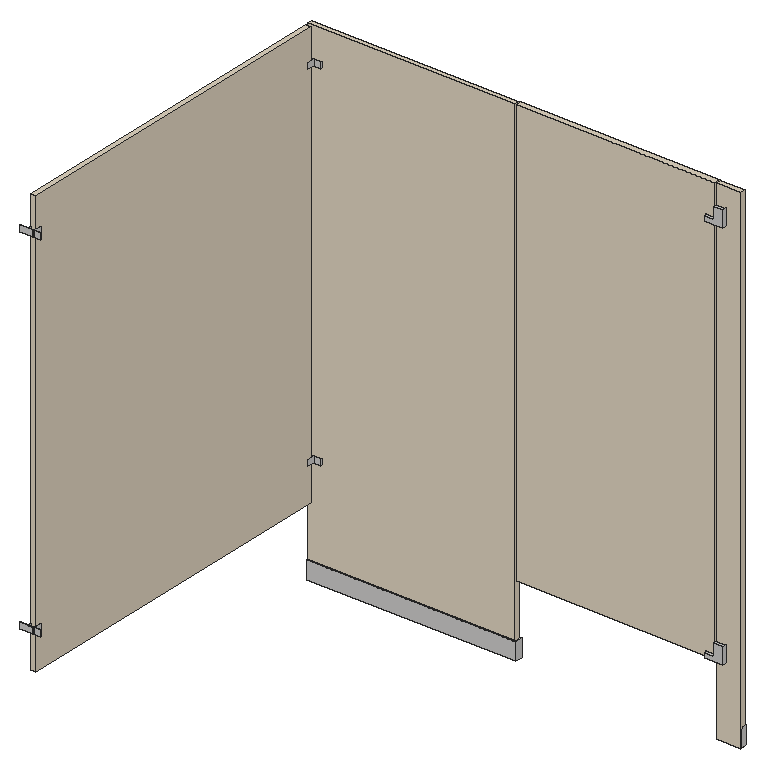
Revit family
Parameters (values of type "ADA Partition as Specified in 10 21 13")
  topoffset = 0' - 0 1/4"
  strkhdwr [instance] = not(or((End Panel_Strike Side), (Terminates at Wall_Strike Side)))  # no
  hngpnlconstrain [instance] = if((Terminates at Wall_Hinge Side), (Front Panel Width_Hinge Side - Reveal Clearance), (if((End Panel_Hinge Side), (Front Panel Width_Hinge Side + Panel Thickness + 0' 0 1/8"), (Front Panel Width_Hinge Side))))  # 0' - 4"
  hngpnl2 [instance] = if((Terminates at Wall_Strike Side), (Panel Thickness - Reveal Clearance - 0' 0 1/8"), (if((End Panel_Strike Side), (Panel Thickness + 0' 0 1/8"), (Panel Thickness))))  # 0' - 1"
  capoffset = 0' - 0"
  Warranty Duration (Years) = 0
  URL = "www.ironwood-mfg.com"
  Type Comments = "Toilet Partition"
  Terminates at Wall_Strike Side [instance] = no
  Terminates at Wall_Hinge Side [instance] = no
  Stile Thickness = 0' - 0 7/8"
  Stall Width = 6' - 0"
  Stall Depth [instance] = 5' - 0"
  Pilaster Height = 7' - 0"
  Panel Thickness = 0' - 0 7/8"
  Outswing Door = yes
  Inswing Door = not(Outswing Door)  # no
  End Panel_Strike Side [instance] = not(Terminates at Wall_Strike Side)  # yes
  Front Panel Width_Strike Side = Stall Width - Door Width - Front Panel Width_Hinge Side  # 2' - 10"
  Specification = "http://www.arcat.com/sd/clients/ironwood.html?coid=45050"
  SpecWizard = "http://www.arcat.com/specwizard/10155iro/index.htm?coid=45050&mf=\r\n"
  Send Message = "http://admin.arcat.com/users.pl?action=UserEmail&company=Ironwood%20Manufacturing%20-%20Toilet%20Compartments&coid=45050&rep=133&fax=360-862-8413&mf="
  Sales Information = "http://www.ironwood-mfg.com/contact.aspx\r\n"
  Revision = "R1_09/2009"
  Reveal Clearance = 0' - 0 1/2"
  Product Properties = "http://www.arcat.com/bim/bim_info.pl?fn=Toilet-Partition_Ironwood_Ceiling-Hung\r\n"
  Product Data = "http://www.arcat.com/arcatcos/cos45/arc45050.html\r\n"
  Panel Material [instance] = Ironwood Cascade HPL - Almond - 920
  Model = ""
  Manufacturer's Notes = ""
  Manufacturer Website = "http://www.ironwood-mfg.com/"
  Manufacturer Phone = "360-568-1823\r\n"
  Manufacturer Fax = "360-862-8413"
  Manufacturer Address = "1102 Bonneville Ave.; Snohomish; WA 98290"
  Manufacturer = "Ironwood Manufacturing"
  Maintenance Schedule (Months) = 0
  Keynote = "10 21 13"
  Installation-Fabrication = ""
  Installation Phase = ""
  End Panel_Hinge Side [instance] = no
  Front Panel Width_Hinge Side = 0' - 4"
  Hardware Finish [instance] = Stainless Steel - Type 304 #4 Brushed Finish
  Expected Lifespan (Years) = 0
  Drawn By = "Robert S. Weygant, CSI, CDT, SCIP"  # constant formula
  Door Width = 2' - 10"
  Door Thickness = 0' - 0 7/8"
  Door Height = Pilaster Height - Distance from Floor to Panel  # 6' - 0"
  Distance from Floor to Panel = 1' - 0"
  Copyright = "2009, ARCAT, Inc."  # constant formula
  Description = "Ceiling Hung Toilet Partition as Specified in 10 21 13"
  Brackets_Vertical = 2
  Assembly Code = "C1010400"
Types (2): name | hngpnlconstrain | capoffset | Stall Width | Stall Depth | Front Panel Width_Strike Side | Product Properties | End Panel_Hinge Side | Front Panel Width_Hinge Side | Door Width
  Standard Partition as Specified in 10 21 13 | 0' - 7" | 0' - 0 1/4" | 3' - 0" | 6' - 0" | 0' - 6" | "http://www.arcat.com/bim/bim_info.pl?fn=Toilet-Partition_Ironwood_Baker\r\n" | yes | 0' - 6" | 2' - 0"
  ADA Partition as Specified in 10 21 13 | 0' - 4" | 0' - 0" | 6' - 0" | 5' - 0" | 2' - 10" | "http://www.arcat.com/bim/bim_info.pl?fn=Toilet-Partition_Ironwood_Ceiling-Hung\r\n" | no | 0' - 4" | 2' - 10"
Reference planes (in)
  plane 1: y = 26.56271
  plane 2 "Center (Left/Right)": x = 26.6528
  plane 3 "Left": x = 62.6528
  plane 4: x = -9.3472
  plane 5: y = 91.68771
  plane 6 "Back": y = 32.56271
  plane 7 "Right": x = -10.2222
  plane 8 "Front": y = 92.56271
  plane 9 "Bottom of panel": z = 12
  plane 10 "Top of panel": z = 84
  plane 11: x = 24.6528
  plane 12: x = 58.6528
  plane 13 "Bottom Bracket": z = 18
  plane 14 "Top Bracket": z = 78
  plane 15 "Top Hinge": z = 80.75
  plane 16: y = 91.18771
  plane 17: y = 33.06271
  plane 18: z = 0
  plane 19: x = -10.3472
Forms (in)
  Extrusion 1, solid, material "Ironwood Cascade HPL - Almond - 920" <- "Panel Material"
    sketch origin (0, 0, 0) x (1, 0, 0) y (0, 1, 0)
      loop
        line (-10.3472, 92.56271) -> (-10.3472, 91.68771) -> (24.6528, 91.68771) -> (24.6528, 92.56271) -> (-10.3472, 92.56271)
    from 0 to 84
  Extrusion 2, solid, material "Stainless Steel - Type 304 #4 Brushed Finish" <- "Hardware Finish", detail levels medium+fine
    sketch origin (0, 92.56271, 0) x (-1, 0, 0) y (0, 0, 1)
      loop
        line (-23.1528, 39.97704) -> (-23.1528, 42.02296) -> (-25.6528, 42.02296) -> (-25.6528, 39.97704) -> (-23.1528, 39.97704)
    from 0 to 0.25
  Extrusion 3, solid, material "Ironwood Cascade HPL - Almond - 920" <- "Panel Material"
    sketch origin (0, 0, 0) x (1, 0, 0) y (0, 1, 0)
      loop
        line (58.6528, 92.56271) -> (58.6528, 91.68771) -> (62.6528, 91.68771) -> (62.6528, 92.56271) -> (58.6528, 92.56271)
    from 0 to 84
  Extrusion 4, solid, material "Ironwood Cascade HPL - Almond - 920" <- "Panel Material", visible <- "End Panel_Hinge Side"
    sketch origin (0, 0, 0) x (1, 0, 0) y (0, 1, 0)
      loop
        line (62.6528, 33.06271) -> (63.5278, 33.06271) -> (63.5278, 91.18771) -> (62.6528, 91.18771) -> (62.6528, 33.06271)
    from 12 to 84
  Extrusion 5, solid, material "Ironwood Cascade HPL - Almond - 920" <- "Panel Material", visible <- "End Panel_Strike Side"
    sketch origin (0, 0, 0) x (1, 0, 0) y (0, 1, 0)
      loop
        line (-10.2222, 33.06271) -> (-9.3472, 33.06271) -> (-9.3472, 91.18771) -> (-10.2222, 91.18771) -> (-10.2222, 33.06271)
    from 12 to 84
  Extrusion 6, solid, material "Stainless Steel - Type 304 #4 Brushed Finish" <- "Hardware Finish", detail levels fine
    sketch origin (0, 92.56271, 0) x (-1, 0, 0) y (0, 0, 1)
      loop
        line (-58.6528, 80.75) -> (-60.1528, 80.75) -> (-60.1528, 78) -> (-58.6528, 78) -> (-57.1528, 78) -> (-57.1528, 78.75) -> (-58.6528, 78.75) -> (-58.6528, 80.75)
    from -1.49944 to 0.25
  Extrusion 7, solid, material "Stainless Steel - Type 304 #4 Brushed Finish" <- "Hardware Finish", detail levels fine
    sketch origin (0, 92.56271, -52) x (-1, 0, 0) y (0, 0, 1)
      loop
        line (-58.6528, 66.75) -> (-60.1528, 66.75) -> (-60.1528, 64) -> (-57.1528, 64) -> (-57.1528, 64.75) -> (-58.6528, 64.75) -> (-58.6528, 66.75)
    from -1.49944 to 0.25
  Extrusion 8, solid, material "Ironwood Cascade HPL - Almond - 920" <- "Panel Material"
    sketch origin (0, 92.56271, 0) x (-1, 0, 0) y (0, 0, 1)
      loop
        line (-56.9028, 12) -> (-24.9028, 12) -> (-24.9028, 84) -> (-58.4028, 84) -> (-58.4028, 78.75) -> (-56.9028, 78.75) -> (-56.9028, 77.9223) -> (-58.4028, 77.9223) -> (-58.4028, 12.75) -> (-56.9028, 12.75) -> (-56.9028, 12)
    from -0.875 to 0
  Extrusion 9, solid, material "Stainless Steel - Type 304 #4 Brushed Finish" <- "Hardware Finish", detail levels fine
    sketch origin (0, 92.56271, 78) x (-1, 0, 0) y (0, 0, 1)
      loop
        line (-24.9028, -78) -> (10.3472, -78) -> (10.3472, -75) -> (-24.9028, -75) -> (-24.9028, -78)
    from -1.12268 to 0.24505
  Extrusion 10, solid, material "Stainless Steel - Type 304 #4 Brushed Finish" <- "Hardware Finish", detail levels fine
    sketch origin (0, 92.56271, 79) x (-1, 0, 0) y (0, 0, 1)
      loop
        line (-62.6528, -79) -> (-58.4028, -79) -> (-58.4028, -76) -> (-62.6528, -76) -> (-62.6528, -79)
    from -0.62556 to 0.25923
Lines and regions (in)
  symbolic lines
    curve 1: line (62.77045, 0, 84) -> (24.6528, 0, 48)
    curve 2: line (24.6528, 0, 48) -> (58.6528, 0, 12)
    curve 3: line (-9.3472, 32.56271, 0) -> (-10.2222, 32.56271, 0)
  symbolic lines, visible <- "Inswing Door"
    curve 4: line (58.6528, 91.68771, 0) -> (58.6528, 57.68771, 0)
    curve 5: line (58.6528, 57.68771, 0) -> (57.7778, 57.68771, 0)
    curve 6: line (57.7778, 57.68771, 0) -> (57.7778, 91.68771, 0)
    curve 7: line (57.7778, 91.68771, 0) -> (58.6528, 91.68771, 0)
  symbolic lines, style "Toilet Accessories-Dashed", visible <- "Inswing Door"
    curve 8: arc (24.6528, 91.68771, 0) -> (34.61117, 67.64607, 0) -> (58.6528, 57.68771, 0) r 34
  symbolic lines, visible <- "Outswing Door"
    curve 9: line (58.6528, 92.56008, 0) -> (58.6528, 126.56008, 0)
    curve 10: line (58.6528, 126.56008, 0) -> (57.7778, 126.56008, 0)
    curve 11: line (57.7778, 126.56008, 0) -> (57.7778, 92.56008, 0)
    curve 12: line (57.7778, 92.56008, 0) -> (58.6528, 92.56008, 0)
  symbolic lines, style "Toilet Accessories-Dashed", visible <- "Outswing Door"
    curve 13: arc (24.6528, 92.56008, 0) -> (34.61117, 116.60171, 0) -> (58.6528, 126.56008, 0) r 34
Text (in)
  text "Placement Side" at (0, 40.15149, 123.01588), in view "Right"
  text "Placement Side" at (-71.13158, 43.3951, 0), in view "Floor Line"
  text "Placement Side" at (0, 65.23256, 117.93067), in view "Left"
Dimensions and locks (in)
  "Stall Width": plane 4 to plane 3 "Left"
  "Door Height": plane 9 "Bottom of panel" to plane 10 "Top of panel"
  "Distance from Floor to Panel": host wall to plane 9 "Bottom of panel"
  equal spacing: plane 9 "Bottom of panel", curve 2, plane 10 "Top of panel"
  "Panel Thickness": plane 7 "Right" to plane 4
  "Panel Thickness": plane 3 "Left" to Extrusion 4 sketch curve
  locked: Extrusion 6 sketch curve to plane 12 at 1.5  (x2)
  locked: plane 9 "Bottom of panel" to Extrusion 7 sketch curve at 2.75
  locked: Extrusion 7 sketch curve to plane 12 at 1.5
  locked: plane 12 to Extrusion 7 sketch curve at 1.5
  locked: plane 12 to Extrusion 8 sketch curve at 0.25
  locked: plane 11 to Extrusion 8 sketch curve at 0.25
  locked: Extrusion 2 sketch curve to plane 11 at 1.5
  "Front Panel Width_Hinge Side": plane 12 to plane 3 "Left"
  "Door Width": plane 11 to plane 12
  locked: Extrusion 9 sketch curve to plane 11 at 0.25
  locked: Extrusion 10 sketch curve to plane 12 at 0.25
  equal spacing: plane 4, plane 2 "Center (Left/Right)", plane 3 "Left"
  locked: Extrusion 9 to plane 8 "Front" at 0.24505
  locked: Extrusion 9 to plane 5 at 0.24768
  "Door Thickness": curve 6 to plane 12
  group 1 to group 2 = 0' - 0"
  group 2 to group 1 = 0' - 0"
  group 1 to group 2 = 5' - 0"
  locked: plane 14 "Top Bracket" to plane 15 "Top Hinge" at 2.75
  locked: plane 14 "Top Bracket" to plane 10 "Top of panel" at 6
  locked: plane 9 "Bottom of panel" to plane 13 "Bottom Bracket" at 6
  "Reveal Clearance": plane 16 to plane 5
  "Reveal Clearance": plane 17 to plane 6 "Back"
  group 3 to group 4 = 0' - 0"
  group 4 to group 3 = 0' - 0"
  group 3 to group 4 = 5' - 0"
  Extrusion 10 to Extrusion 3 = 0' - 0.25923"
  Extrusion 3 to Extrusion 10 = 0' - 0.24944"
  locked: Extrusion 10 to Extrusion 3 at 0.25
  "Stile Thickness": plane 8 "Front" to plane 5
  "capoffset": Extrusion 3 to Extrusion 10
  "hngpnlconstrain": Extrusion 3 sketch curve to Extrusion 3 sketch curve
  "capoffset": Extrusion 9 to Extrusion 1
  group 5 to group 6 = 0' - 0"  (x2)
  group 5 to group 6 = 5' - 0"
  group 7 to group 8 = 0' - 0"
  group 8 to group 7 = 0' - 0"
  group 7 to group 8 = 5' - 0"
  group 9 to group 10 = 0' - 0"
  group 10 to group 9 = 0' - 0"
  group 9 to group 10 = 5' - 0"
  Extrusion 4 to Extrusion 10 sketch curve = 0' - 0 7/8"
  "hngpnl2": plane 19 to plane 4
  group 11 to group 12 = 0' - 0"
  group 12 to group 11 = 0' - 0"
  group 11 to group 12 = 5' - 0"
  "Stall Depth": plane 8 "Front" to plane 6 "Back"
  group 13 to group 14 = 0' - 0"  (x2)
  group 13 to group 14 = 5' - 0"
  locked: Extrusion 10 sketch curve to Extrusion 10 sketch curve at 3
  locked: Extrusion 9 sketch curve to Extrusion 9 sketch curve at 3
  "Door Thickness": Extrusion 8 to Extrusion 8
  aligned and locked: Extrusion 1 sketch curve to plane 8 "Front"
  aligned and locked: Extrusion 1 sketch curve to plane 5
  aligned and locked: Extrusion 1 sketch curve to plane 11
  aligned and locked: Extrusion 2 to plane 8 "Front"
  aligned and locked: plane 12 to Extrusion 3 sketch curve
  aligned and locked: plane 3 "Left" to Extrusion 4 sketch curve
  aligned and locked: plane 9 "Bottom of panel" to Extrusion 4
  aligned and locked: Extrusion 5 to plane 10 "Top of panel"
  aligned and locked: Extrusion 5 to plane 9 "Bottom of panel"
  aligned and locked: plane 15 "Top Hinge" to Extrusion 6 sketch curve
  aligned and locked: plane 14 "Top Bracket" to Extrusion 6 sketch curve
  aligned and locked: Extrusion 6 sketch curve to plane 12
  aligned and locked: plane 9 "Bottom of panel" to Extrusion 7 sketch curve
  aligned and locked: Extrusion 7 sketch curve to plane 12
  aligned and locked: Extrusion 7 to Extrusion 8 sketch curve
  aligned and locked: plane 10 "Top of panel" to Extrusion 8 sketch curve
  aligned and locked: curve 4 to plane 12
  aligned and locked: plane 8 "Front" to Extrusion 8
  aligned and locked: plane 7 "Right" to nested 1
  aligned and locked: nested 1 to plane 5  (x4)
  aligned and locked: plane 13 "Bottom Bracket" to nested 1
  aligned and locked: plane 14 "Top Bracket" to nested 2
  aligned and locked: plane 7 "Right" to nested 2
  aligned and locked: plane 5 to nested 1
  aligned and locked: plane 16 to Extrusion 5 sketch curve
  aligned and locked: Extrusion 5 sketch curve to plane 17
  aligned and locked: Extrusion 4 sketch curve to plane 17
  aligned and locked: plane 16 to Extrusion 4 sketch curve
  aligned and locked: nested 3 to plane 5  (x2)
  aligned and locked: nested 3 to plane 3 "Left"
  aligned and locked: nested 3 to plane 13 "Bottom Bracket"
  aligned and locked: nested 4 to plane 14 "Top Bracket"
  aligned and locked: plane 5 to nested 3
  aligned and locked: plane 3 "Left" to nested 3
  aligned and locked: Extrusion 4 to plane 10 "Top of panel"
  aligned and locked: nested 5 to plane 4  (x3)
  aligned and locked: plane 6 "Back" to nested 5
  aligned and locked: nested 6 to plane 3 "Left"
  aligned and locked: nested 6 to plane 6 "Back"  (x4)
  aligned and locked: nested 6 to plane 13 "Bottom Bracket"
  aligned and locked: plane 13 "Bottom Bracket" to nested 5
  aligned and locked: nested 7 to plane 14 "Top Bracket"
  aligned and locked: nested 7 to plane 3 "Left"
  aligned and locked: plane 6 "Back" to nested 6
  aligned and locked: nested 5 to plane 6 "Back"  (x4)
  aligned and locked: nested 8 to plane 3 "Left"
  aligned and locked: nested 8 to plane 8 "Front"  (x3)
  aligned and locked: plane 13 "Bottom Bracket" to nested 8
  aligned and locked: plane 14 "Top Bracket" to nested 9
  aligned and locked: nested 9 to plane 3 "Left"
  aligned and locked: plane 3 "Left" to nested 8
  aligned and locked: plane 7 "Right" to nested 5  (x2)
  aligned and locked: nested 7 to plane 6 "Back"
  aligned and locked: plane 6 "Back" to nested 7
  aligned and locked: plane 14 "Top Bracket" to nested 10
  aligned and locked: nested 10 to plane 4
  aligned and locked: plane 18 to level
  aligned and locked: Extrusion 1 to plane 19
  aligned and locked: plane 8 "Front" to nested 11  (x2)
  aligned and locked: nested 11 to plane 7 "Right"
  aligned and locked: nested 11 to plane 13 "Bottom Bracket"
  aligned and locked: nested 12 to plane 14 "Top Bracket"
  aligned and locked: nested 12 to plane 7 "Right"
  aligned and locked: nested 11 to plane 8 "Front"
  aligned and locked: host wall to plane 6 "Back"
  aligned and locked: plane 5 to nested 13
  aligned and locked: nested 13 to plane 5  (x2)
  aligned and locked: plane 13 "Bottom Bracket" to nested 13  (x2)
  aligned and locked: nested 13 to plane 13 "Bottom Bracket"
  aligned and locked: plane 7 "Right" to nested 13
  aligned and locked: plane 14 "Top Bracket" to nested 14  (x2)
  aligned and locked: nested 14 to plane 14 "Top Bracket"
  aligned and locked: plane 7 "Right" to nested 14
  aligned and locked: plane 5 to nested 14
  aligned and locked: plane 18 to Extrusion 1
  aligned and locked: plane 18 to Extrusion 3
  aligned and locked: plane 18 to Extrusion 10 sketch curve
  aligned and locked: plane 18 to Extrusion 9 sketch curve
  aligned and locked: Extrusion 3 to plane 10 "Top of panel"
  aligned and locked: Extrusion 1 to plane 10 "Top of panel"
  aligned and locked: plane 6 "Back" to nested 10
  aligned and locked: plane 5 to nested 2
  aligned and locked: plane 5 to nested 12
  aligned and locked: nested 4 to plane 5
  aligned and locked: nested 9 to plane 5
  aligned and locked: nested 4 to plane 3 "Left"
  aligned and locked: plane 5 to Extrusion 3
  aligned and locked: plane 8 "Front" to Extrusion 3
Automatic sketch dimensions
  plane 11 to Extrusion 2 sketch curve = 0' - 1"
  plane 13 "Bottom Bracket" to Extrusion 2 sketch curve = 1' - 9.97704"
  Extrusion 2 sketch curve to Extrusion 2 sketch curve = 0' - 2.04593"
  curve 3 to host wall = 0' - 0"
  curve 3 to plane 7 "Right" = 0' - 0"
  curve 3 to plane 4 = 0' - 0"
  curve 1 to plane 10 "Top of panel" = 0' - 0"
  curve 2 to plane 9 "Bottom of panel" = 0' - 0"
  curve 1 to plane 11 = 0' - 0"
  curve 2 to plane 12 = 0' - 0"
  Extrusion 1 sketch curve to plane 19 = 0' - 0"
  Extrusion 5 sketch curve to plane 7 "Right" = 0' - 0"
  Extrusion 5 sketch curve to plane 4 = 0' - 0"
  Extrusion 6 sketch curve to plane 12 = 0' - 0"
  plane 14 "Top Bracket" to Extrusion 6 sketch curve = 0' - 0 3/4"
  Extrusion 7 sketch curve to plane 9 "Bottom of panel" = 0' - 0 3/4"
  Extrusion 8 sketch curve to plane 12 = 0' - 0 1/4"
  Extrusion 8 sketch curve to plane 9 "Bottom of panel" = 0' - 0 3/4"
  Extrusion 8 sketch curve to Extrusion 8 sketch curve = 0' - 1 1/2"  (x2)
  Extrusion 8 sketch curve to plane 14 "Top Bracket" = 0' - 0.0777"
  plane 14 "Top Bracket" to Extrusion 8 sketch curve = 0' - 0 3/4"
  curve 13 to plane 11 = 0' - 0"
  curve 8 to plane 5 = 0' - 0"
  curve 8 to plane 11 = 0' - 0"
  curve 9 to plane 12 = 0' - 0"
  curve 6 to plane 5 = 0' - 0"
  curve 12 to plane 8 "Front" = 0' - 0.00262"
  curve 12 to curve 6 = 0' - 0"
  curve 13 to plane 8 "Front" = 0' - 0.00262"
  Extrusion 9 sketch curve to plane 19 = 0' - 0"
  plane 16 to Extrusion 3 sketch curve = 0' - 0 1/2"
  Extrusion 3 sketch curve to Extrusion 3 sketch curve = 0' - 0 7/8"
Nested families (in)
  nested 1: "Mounting Bracket" at (-10.2222, 91.68771, 18), visible <- "strkhdwr", type "Common Mount"
  nested 2: "Mounting Bracket" at (-10.2222, 91.68771, 78), visible <- "strkhdwr", type "Common Mount"
  nested 3: "Mounting Bracket" at (63.5278, 91.68771, 18) x (-1, 0, 0) z (0, 0, 1), visible <- "End Panel_Hinge Side", type "End Mount"
  nested 4: "Mounting Bracket" at (63.5278, 91.68771, 78) x (-1, 0, 0) z (0, 0, 1), visible <- "End Panel_Hinge Side", type "End Mount"
  nested 5: "Mounting Bracket" at (-9.3472, 32.56271, 18) x (-1, 0, 0) z (0, 0, 1), visible <- "End Panel_Strike Side", type "Common Mount"
  nested 6: "Mounting Bracket" at (62.6528, 32.56271, 18), visible <- "End Panel_Hinge Side", type "Common Mount"
  nested 7: "Mounting Bracket" at (62.6528, 32.56271, 78), visible <- "End Panel_Hinge Side", type "Common Mount"
  nested 8: "Mounting Bracket" at (62.6528, 92.56271, 18) x (0, -1, 0) z (0, 0, 1), visible <- "Terminates at Wall_Hinge Side", type "End Mount"
  nested 9: "Mounting Bracket" at (62.6528, 92.56271, 78) x (0, -1, 0) z (0, 0, 1), visible <- "Terminates at Wall_Hinge Side", type "End Mount"
  nested 10: "Mounting Bracket" at (-9.3472, 32.56271, 78) x (-1, 0, 0) z (0, 0, 1), visible <- "End Panel_Strike Side", type "Common Mount"
  nested 11: "Mounting Bracket" at (-10.2222, 92.56271, 18) x (0, -1, 0) z (0, 0, 1), visible <- "Terminates at Wall_Strike Side", type "End Mount"
  nested 12: "Mounting Bracket" at (-10.2222, 92.56271, 78) x (0, -1, 0) z (0, 0, 1), visible <- "Terminates at Wall_Strike Side", type "End Mount"
  nested 13: "Mounting Bracket" at (-10.2222, 91.68771, 18), visible <- "End Panel_Strike Side", type "End Mount"
  nested 14: "Mounting Bracket" at (-10.2222, 91.68771, 78), visible <- "End Panel_Strike Side", type "End Mount"
Definition of nested family "Mounting Bracket"
  Parameters (values of type "Common Mount")
    panel thickness = 0' - 0 1/2"
    hdwr matl = none
    Surfmnt = yes
    Hdwr Height = 0' - 1"
    Assembly Code = ""
  Types (2): name | panel thickness | Surfmnt
    Common Mount | 0' - 0 1/2" | yes
    End Mount | 0' - 1" | no
  Reference planes (in)
    plane 1 "Center (Front/Back)": y = 0
    plane 2 "bottom": z = 0
    plane 3 "Center (Left/Right)": x = 0
    plane 4: y = -1.37133
    plane 5 "top": z = 1
    plane 6: y = -0.12324
  Forms (in)
    Extrusion 1, solid, material <- "hdwr matl"
      sketch origin (0, 0, 0) x (1, 0, 0) y (0, 1, 0)
        loop
          line (0, -1.37133) -> (0, -0.125) -> (0.5, -0.125) -> (0.5, -1.37133) -> (0.625, -1.37133) -> (0.625, -0.12324) -> (2.25, -0.12324) -> (2.25, 0) -> (-0.125, 0) -> (-0.125, -1.37133) -> (0, -1.37133)
      from 0 to 1
    Extrusion 2, solid, material <- "hdwr matl", visible <- "Surfmnt"
      sketch origin (0, 0, 0) x (1, 0, 0) y (0, 1, 0)
        loop
          line (0, 0) -> (-1.25, 0) -> (-1.25, -0.125) -> (0, -0.125) -> (0, 0)
      from 0 to 1
  Dimensions and locks (in)
    "panel thickness": Extrusion 1 sketch curve to Extrusion 1 sketch curve
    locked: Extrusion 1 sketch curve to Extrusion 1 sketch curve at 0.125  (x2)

Exercise prompt
Print exactly the first line of the entries and every line after it through the one that contains "Terminates at Wall_Hinge Side [instance]", leaving the pictures out.

Answer to the exercise
Revit family
Parameters (values of type "ADA Partition as Specified in 10 21 13")
  topoffset = 0' - 0 1/4"
  strkhdwr [instance] = not(or((End Panel_Strike Side), (Terminates at Wall_Strike Side)))  # no
  hngpnlconstrain [instance] = if((Terminates at Wall_Hinge Side), (Front Panel Width_Hinge Side - Reveal Clearance), (if((End Panel_Hinge Side), (Front Panel Width_Hinge Side + Panel Thickness + 0' 0 1/8"), (Front Panel Width_Hinge Side))))  # 0' - 4"
  hngpnl2 [instance] = if((Terminates at Wall_Strike Side), (Panel Thickness - Reveal Clearance - 0' 0 1/8"), (if((End Panel_Strike Side), (Panel Thickness + 0' 0 1/8"), (Panel Thickness))))  # 0' - 1"
  capoffset = 0' - 0"
  Warranty Duration (Years) = 0
  URL = "www.ironwood-mfg.com"
  Type Comments = "Toilet Partition"
  Terminates at Wall_Strike Side [instance] = no
  Terminates at Wall_Hinge Side [instance] = no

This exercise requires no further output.